PostPosted: Sun Jul 26, 2009 12:16 am    Post subject: Spectacular spider-killer-killing wasp Reply with quote

This is without a doubt the most spectacular wasp I have ever photographed.



A couple of stereo pairs:





Through an unhappy accident I know a little of this insect's life history.

Late last summer some friends found a mud-dauber nest just outside their front door. They asked me to remove it. I did so, intending to keep it intact. But the removal did not go perfectly. In the process, the nest broke. Several spider carcasses spilled out. But several of the chambers stayed intact, containing what looked like undamaged wasp pupae. I placed the nest in a jar in a sheltered place and checked on it daily. For months. And more months. And more months. Nothing happened. Then a few days ago I got distracted by some construction around my house. And wouldn't you know -- that was when the wasps decided to emerge. Dang! They were dead when I checked again, and just starting to mold. Sad

But I was able to clean this one OK, for the most part. The rear eye is white because it is full of mold. I'm pretty sure the rest of the appearance is intact because (hallelujah!) a live specimen of what must be the same species turned up in my kitchen window today, sniffing around the corners where the spiders hang out.

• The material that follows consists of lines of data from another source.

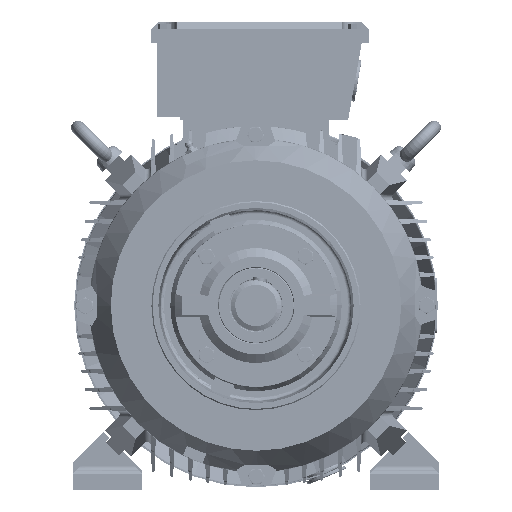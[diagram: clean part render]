
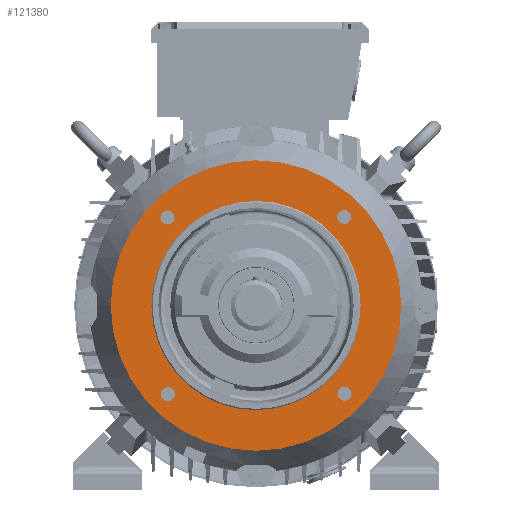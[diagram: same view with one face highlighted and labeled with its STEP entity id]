
A CAD part, left-side view. The second image highlights one B-rep face of the part: STEP entity #121380.
In plain terms, the highlighted planar face has unit normal (-1, 0, 0).
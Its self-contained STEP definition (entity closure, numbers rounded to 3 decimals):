
#7769 = CARTESIAN_POINT ( 'NONE',  ( -130.343, -59.333, -78.166 ) ) ;
#10967 = EDGE_LOOP ( 'NONE', ( #162913, #168850 ) ) ;
#11090 = CARTESIAN_POINT ( 'NONE',  ( -130.343, 93.06, 73.495 ) ) ;
#12861 = CARTESIAN_POINT ( 'NONE',  ( -130.343, 98.694, -78.547 ) ) ;
#13649 = CIRCLE ( 'NONE', #237617, 6. ) ;
#13705 = ORIENTED_EDGE ( 'NONE', *, *, #255192, .F. ) ;
#14177 = DIRECTION ( 'NONE',  ( -1., 0., 0. ) ) ;
#14619 = CARTESIAN_POINT ( 'NONE',  ( -130.343, 99.06, 73.481 ) ) ;
#17585 = CIRCLE ( 'NONE', #60711, 90. ) ;
#20426 = AXIS2_PLACEMENT_3D ( 'NONE', #55722, #156927, #160932 ) ;
#21892 = FACE_BOUND ( 'NONE', #10967, .T. ) ;
#22216 = DIRECTION ( 'NONE',  ( -1., 0., 0. ) ) ;
#24654 = CIRCLE ( 'NONE', #158326, 6. ) ;
#25082 = AXIS2_PLACEMENT_3D ( 'NONE', #48822, #171644, #213446 ) ;
#27525 = DIRECTION ( 'NONE',  ( 0., 1., -0.002 ) ) ;
#34170 = CARTESIAN_POINT ( 'NONE',  ( -130.343, 22.864, -2.35 ) ) ;
#40591 = DIRECTION ( 'NONE',  ( -1., 0., 0. ) ) ;
#42498 = AXIS2_PLACEMENT_3D ( 'NONE', #105551, #186668, #227123 ) ;
#42804 = CARTESIAN_POINT ( 'NONE',  ( -130.343, 98.694, -78.547 ) ) ;
#43486 = FACE_BOUND ( 'NONE', #70364, .T. ) ;
#46233 = VERTEX_POINT ( 'NONE', #105372 ) ;
#47003 = CARTESIAN_POINT ( 'NONE',  ( -130.343, 22.864, -2.35 ) ) ;
#48822 = CARTESIAN_POINT ( 'NONE',  ( -130.343, 22.864, -2.35 ) ) ;
#50024 = VERTEX_POINT ( 'NONE', #76714 ) ;
#50961 = DIRECTION ( 'NONE',  ( 0., -1., 0.002 ) ) ;
#53525 = VERTEX_POINT ( 'NONE', #60709 ) ;
#55124 = EDGE_CURVE ( 'NONE', #208120, #88705, #187933, .T. ) ;
#55552 = VERTEX_POINT ( 'NONE', #99927 ) ;
#55722 = CARTESIAN_POINT ( 'NONE',  ( -130.343, -52.967, 73.847 ) ) ;
#56404 = DIRECTION ( 'NONE',  ( 0., 1., -0.002 ) ) ;
#58562 = CIRCLE ( 'NONE', #67192, 6. ) ;
#58834 = ORIENTED_EDGE ( 'NONE', *, *, #109235, .F. ) ;
#60620 = EDGE_LOOP ( 'NONE', ( #212415, #83271 ) ) ;
#60709 = CARTESIAN_POINT ( 'NONE',  ( -130.343, -67.136, -2.133 ) ) ;
#60711 = AXIS2_PLACEMENT_3D ( 'NONE', #47003, #129328, #211629 ) ;
#60963 = CARTESIAN_POINT ( 'NONE',  ( -130.343, -53.333, -78.18 ) ) ;
#61489 = EDGE_CURVE ( 'NONE', #226945, #46233, #13649, .T. ) ;
#67192 = AXIS2_PLACEMENT_3D ( 'NONE', #60963, #141966, #200050 ) ;
#70364 = EDGE_LOOP ( 'NONE', ( #163960, #13705 ) ) ;
#76714 = CARTESIAN_POINT ( 'NONE',  ( -130.343, 112.863, -2.567 ) ) ;
#81571 = EDGE_CURVE ( 'NONE', #229520, #116386, #24654, .T. ) ;
#82308 = ORIENTED_EDGE ( 'NONE', *, *, #81571, .F. ) ;
#83271 = ORIENTED_EDGE ( 'NONE', *, *, #61489, .F. ) ;
#88705 = VERTEX_POINT ( 'NONE', #102536 ) ;
#99306 = ORIENTED_EDGE ( 'NONE', *, *, #132578, .F. ) ;
#99927 = CARTESIAN_POINT ( 'NONE',  ( -130.343, -102.136, -2.049 ) ) ;
#102536 = CARTESIAN_POINT ( 'NONE',  ( -130.343, 92.694, -78.532 ) ) ;
#104200 = FACE_BOUND ( 'NONE', #109904, .T. ) ;
#104248 = CARTESIAN_POINT ( 'NONE',  ( -130.343, 105.06, 73.466 ) ) ;
#105310 = DIRECTION ( 'NONE',  ( 0., 1., -0.002 ) ) ;
#105372 = CARTESIAN_POINT ( 'NONE',  ( -130.343, -47.333, -78.195 ) ) ;
#105551 = CARTESIAN_POINT ( 'NONE',  ( -130.343, 23.08, 87.65 ) ) ;
#109235 = EDGE_CURVE ( 'NONE', #132391, #116472, #264012, .T. ) ;
#109904 = EDGE_LOOP ( 'NONE', ( #82308, #99306 ) ) ;
#116386 = VERTEX_POINT ( 'NONE', #11090 ) ;
#116472 = VERTEX_POINT ( 'NONE', #222824 ) ;
#119978 = CARTESIAN_POINT ( 'NONE',  ( -130.343, -58.967, 73.862 ) ) ;
#121380 = ADVANCED_FACE ( 'NONE', ( #186535, #124452, #21892, #104200, #125782, #43486 ), #208090, .F. ) ;
#124452 = FACE_BOUND ( 'NONE', #60620, .T. ) ;
#125170 = EDGE_LOOP ( 'NONE', ( #155308, #155329 ) ) ;
#125782 = FACE_BOUND ( 'NONE', #163952, .T. ) ;
#128202 = DIRECTION ( 'NONE',  ( 0., 1., -0.002 ) ) ;
#129328 = DIRECTION ( 'NONE',  ( -1., 0., 0. ) ) ;
#132391 = VERTEX_POINT ( 'NONE', #119978 ) ;
#132578 = EDGE_CURVE ( 'NONE', #116386, #229520, #211790, .T. ) ;
#136742 = DIRECTION ( 'NONE',  ( 0., -1., 0.002 ) ) ;
#140362 = VERTEX_POINT ( 'NONE', #247780 ) ;
#141527 = DIRECTION ( 'NONE',  ( 0., 1., -0.002 ) ) ;
#141966 = DIRECTION ( 'NONE',  ( -1., 0., 0. ) ) ;
#145545 = EDGE_CURVE ( 'NONE', #116472, #132391, #227298, .T. ) ;
#145806 = CARTESIAN_POINT ( 'NONE',  ( -130.343, -53.333, -78.18 ) ) ;
#151656 = DIRECTION ( 'NONE',  ( -1., 0., 0. ) ) ;
#155308 = ORIENTED_EDGE ( 'NONE', *, *, #195180, .T. ) ;
#155329 = ORIENTED_EDGE ( 'NONE', *, *, #196840, .T. ) ;
#156927 = DIRECTION ( 'NONE',  ( -1., 0., 0. ) ) ;
#158326 = AXIS2_PLACEMENT_3D ( 'NONE', #14619, #22216, #56404 ) ;
#158517 = DIRECTION ( 'NONE',  ( 0., 1., -0.002 ) ) ;
#160932 = DIRECTION ( 'NONE',  ( 0., 1., -0.002 ) ) ;
#162913 = ORIENTED_EDGE ( 'NONE', *, *, #55124, .F. ) ;
#163952 = EDGE_LOOP ( 'NONE', ( #238285, #58834 ) ) ;
#163960 = ORIENTED_EDGE ( 'NONE', *, *, #199960, .F. ) ;
#167861 = CIRCLE ( 'NONE', #25082, 125. ) ;
#168850 = ORIENTED_EDGE ( 'NONE', *, *, #223306, .F. ) ;
#169275 = AXIS2_PLACEMENT_3D ( 'NONE', #253654, #229393, #128202 ) ;
#171644 = DIRECTION ( 'NONE',  ( -1., 0., 0. ) ) ;
#179060 = CARTESIAN_POINT ( 'NONE',  ( -130.343, 104.694, -78.561 ) ) ;
#181591 = AXIS2_PLACEMENT_3D ( 'NONE', #227811, #246732, #141527 ) ;
#183692 = AXIS2_PLACEMENT_3D ( 'NONE', #42804, #151656, #27525 ) ;
#184640 = CIRCLE ( 'NONE', #244900, 125. ) ;
#186535 = FACE_OUTER_BOUND ( 'NONE', #125170, .T. ) ;
#186668 = DIRECTION ( 'NONE',  ( 1., 0., 0. ) ) ;
#187933 = CIRCLE ( 'NONE', #183692, 6. ) ;
#188464 = EDGE_CURVE ( 'NONE', #46233, #226945, #58562, .T. ) ;
#195180 = EDGE_CURVE ( 'NONE', #55552, #140362, #184640, .T. ) ;
#196840 = EDGE_CURVE ( 'NONE', #140362, #55552, #167861, .T. ) ;
#199960 = EDGE_CURVE ( 'NONE', #53525, #50024, #17585, .T. ) ;
#200050 = DIRECTION ( 'NONE',  ( 0., 1., -0.002 ) ) ;
#208090 = PLANE ( 'NONE',  #42498 ) ;
#208120 = VERTEX_POINT ( 'NONE', #179060 ) ;
#211629 = DIRECTION ( 'NONE',  ( 0., -1., 0.002 ) ) ;
#211790 = CIRCLE ( 'NONE', #181591, 6. ) ;
#212415 = ORIENTED_EDGE ( 'NONE', *, *, #188464, .F. ) ;
#212508 = CIRCLE ( 'NONE', #264342, 90. ) ;
#213446 = DIRECTION ( 'NONE',  ( 0., -1., 0.002 ) ) ;
#222824 = CARTESIAN_POINT ( 'NONE',  ( -130.343, -46.967, 73.833 ) ) ;
#223306 = EDGE_CURVE ( 'NONE', #88705, #208120, #223822, .T. ) ;
#223822 = CIRCLE ( 'NONE', #241129, 6. ) ;
#226945 = VERTEX_POINT ( 'NONE', #7769 ) ;
#227123 = DIRECTION ( 'NONE',  ( 0., 0.002, 1. ) ) ;
#227298 = CIRCLE ( 'NONE', #20426, 6. ) ;
#227811 = CARTESIAN_POINT ( 'NONE',  ( -130.343, 99.06, 73.481 ) ) ;
#229393 = DIRECTION ( 'NONE',  ( -1., 0., 0. ) ) ;
#229520 = VERTEX_POINT ( 'NONE', #104248 ) ;
#234480 = DIRECTION ( 'NONE',  ( -1., 0., 0. ) ) ;
#236614 = DIRECTION ( 'NONE',  ( -1., 0., 0. ) ) ;
#237617 = AXIS2_PLACEMENT_3D ( 'NONE', #145806, #40591, #105310 ) ;
#238285 = ORIENTED_EDGE ( 'NONE', *, *, #145545, .F. ) ;
#241129 = AXIS2_PLACEMENT_3D ( 'NONE', #12861, #14177, #158517 ) ;
#244900 = AXIS2_PLACEMENT_3D ( 'NONE', #34170, #236614, #136742 ) ;
#246732 = DIRECTION ( 'NONE',  ( -1., 0., 0. ) ) ;
#247780 = CARTESIAN_POINT ( 'NONE',  ( -130.343, 147.863, -2.651 ) ) ;
#253654 = CARTESIAN_POINT ( 'NONE',  ( -130.343, -52.967, 73.847 ) ) ;
#255192 = EDGE_CURVE ( 'NONE', #50024, #53525, #212508, .T. ) ;
#260053 = CARTESIAN_POINT ( 'NONE',  ( -130.343, 22.864, -2.35 ) ) ;
#264012 = CIRCLE ( 'NONE', #169275, 6. ) ;
#264342 = AXIS2_PLACEMENT_3D ( 'NONE', #260053, #234480, #50961 ) ;

The surface texture of these wasps is fascinating. I usually think of bugs as being covered with bumps. But in this case, it's clearly craters -- little hemispherical depressions.

Does anybody know the ID of this thing??

--Rik

Technical: Canon 300D camera, Olympus 38 mm f/2.8 bellows lens at f/2.8, 173 frames at 0.001" focus step. Dual fiber halogen illuminator, pingpong ball diffuser, ISO 100 @ 1/6 second.

Edit: to fix title per ID provided by others.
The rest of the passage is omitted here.